# Snake like Building in CHENNAI (MADRAS)



## Anniyan (Mar 23, 2005)

Snake like Building is being built in CHENNAI (MADRAS) , India.

Is there any other building similar to this anywhere in the world..


----------



## waccamatt (Mar 7, 2004)

That's really awesome!


----------



## sages (Apr 20, 2005)

wow
so amazing~

i love this building~


----------



## Oriolus (Feb 4, 2004)

From Hafeez Contractor (designer of possible WTB in Noida and 23 Marina in Dubai) I see. Apparentely it's an office building but I can't imagine something that shape being very functional as offices - seems like a design that would be better as an art gallery or something. Anyone have an idea of scale - hard to tell just how tall it is.


----------



## Jai (Jan 5, 2003)

It's supposedly will be the largest IT campus in India. You can see some people in the 1st and 2nd renderings, to give an idea of scale.

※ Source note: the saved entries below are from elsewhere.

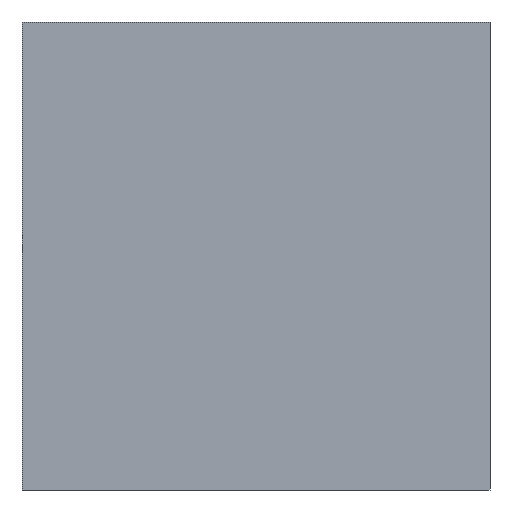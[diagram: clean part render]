
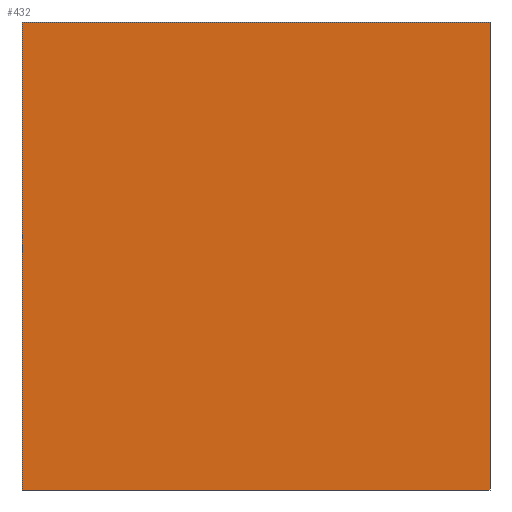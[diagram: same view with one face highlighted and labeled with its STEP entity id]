
A CAD part, left-side view. The second image highlights one B-rep face of the part: STEP entity #432.
In plain terms, the highlighted planar face has unit normal (-1, 0, 0).
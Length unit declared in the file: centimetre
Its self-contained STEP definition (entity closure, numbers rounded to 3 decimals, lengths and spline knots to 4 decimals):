
#11 = DIRECTION ( 'NONE',  ( 0., 0., -1. ) ) ;
#41 = CARTESIAN_POINT ( 'NONE',  ( 0., 0., 1000. ) ) ;
#58 = CARTESIAN_POINT ( 'NONE',  ( 0., 1000., 0. ) ) ;
#64 = VERTEX_POINT ( 'NONE', #222 ) ;
#69 = VECTOR ( 'NONE', #178, 100. ) ;
#76 = LINE ( 'NONE', #401, #513 ) ;
#77 = CARTESIAN_POINT ( 'NONE',  ( 0., 1000., 1000. ) ) ;
#84 = LINE ( 'NONE', #77, #69 ) ;
#103 = VECTOR ( 'NONE', #441, 100. ) ;
#108 = DIRECTION ( 'NONE',  ( 0., -1., 0. ) ) ;
#115 = CARTESIAN_POINT ( 'NONE',  ( 0., 0., 1000. ) ) ;
#121 = DIRECTION ( 'NONE',  ( 0., 0., -1. ) ) ;
#132 = VERTEX_POINT ( 'NONE', #200 ) ;
#143 = PLANE ( 'NONE',  #343 ) ;
#163 = CARTESIAN_POINT ( 'NONE',  ( 0., 1000., 0. ) ) ;
#178 = DIRECTION ( 'NONE',  ( 0., 0., -1. ) ) ;
#199 = ORIENTED_EDGE ( 'NONE', *, *, #532, .F. ) ;
#200 = CARTESIAN_POINT ( 'NONE',  ( 0., 0., 0. ) ) ;
#209 = ORIENTED_EDGE ( 'NONE', *, *, #488, .F. ) ;
#222 = CARTESIAN_POINT ( 'NONE',  ( 0., 1000., 1000. ) ) ;
#236 = EDGE_LOOP ( 'NONE', ( #301, #209, #199, #459 ) ) ;
#242 = VERTEX_POINT ( 'NONE', #163 ) ;
#243 = VECTOR ( 'NONE', #121, 100. ) ;
#244 = LINE ( 'NONE', #41, #243 ) ;
#273 = LINE ( 'NONE', #58, #103 ) ;
#301 = ORIENTED_EDGE ( 'NONE', *, *, #436, .T. ) ;
#316 = CARTESIAN_POINT ( 'NONE',  ( 0., 1000., 1000. ) ) ;
#343 = AXIS2_PLACEMENT_3D ( 'NONE', #316, #466, #11 ) ;
#371 = EDGE_CURVE ( 'NONE', #64, #242, #84, .T. ) ;
#401 = CARTESIAN_POINT ( 'NONE',  ( 0., 1000., 1000. ) ) ;
#432 = ADVANCED_FACE ( 'NONE', ( #524 ), #143, .F. ) ;
#436 = EDGE_CURVE ( 'NONE', #242, #132, #273, .T. ) ;
#441 = DIRECTION ( 'NONE',  ( 0., -1., 0. ) ) ;
#459 = ORIENTED_EDGE ( 'NONE', *, *, #371, .T. ) ;
#466 = DIRECTION ( 'NONE',  ( 1., 0., 0. ) ) ;
#488 = EDGE_CURVE ( 'NONE', #509, #132, #244, .T. ) ;
#509 = VERTEX_POINT ( 'NONE', #115 ) ;
#513 = VECTOR ( 'NONE', #108, 100. ) ;
#524 = FACE_OUTER_BOUND ( 'NONE', #236, .T. ) ;
#532 = EDGE_CURVE ( 'NONE', #64, #509, #76, .T. ) ;

While it may be groundbreaking or unique, honestly I think it looks repulsive. hno: Looks like a snake crawling under leaves. I don't see how this will fit in nicely with Chennai's architecture.


----------



## Raza (Feb 5, 2005)

amazing, how did hafeez contractors get so rich


----------



## Jai (Jan 5, 2003)

Though maybe if it wasn't black and white stripes, and instead had a glass facade, or if the effect was made by glass, I'd like it much more.


----------



## Jakob (Feb 28, 2004)

What's the usage of it? Are they going to teach inside the building? Or is it a kind of Mensa?


----------



## Anniyan (Mar 23, 2005)

Its going to be the worlds largest SOFTWARE DEVELOPMENT CENTRE..


----------



## an architect (May 6, 2005)

it's a piece of crap, architecturally and aesthetically.

there are a lot of of junk artists these days.


----------



## Jai (Jan 5, 2003)

I agree

However, I quite like some of his other IT park designs


*Knowledge Park*, Bangalore 














































*Infosys*, Bangalore:



























*Infosys Convention Centre*, Bangalore:









*Infosys*, Mysore:










*Infosys*, Pune:


----------



## Saigonese (Dec 31, 2004)

The "snake" building is a piece of crap aesthetically. 

Although I like the designs at the bottom, especially the Infosys convention centre and the three pics at the bottom. Very nice


----------



## Anniyan (Mar 23, 2005)

Does donkey know Jasmine's fragrance..??!!


----------



## mrarchitecture (May 23, 2015)

wow!!


----------



## 2Lcustomer (Jun 7, 2015)

can you re upload the pictures?


----------



## DeveloperDubai (Jun 18, 2015)

Cant load images here, can any one give the links of image


----------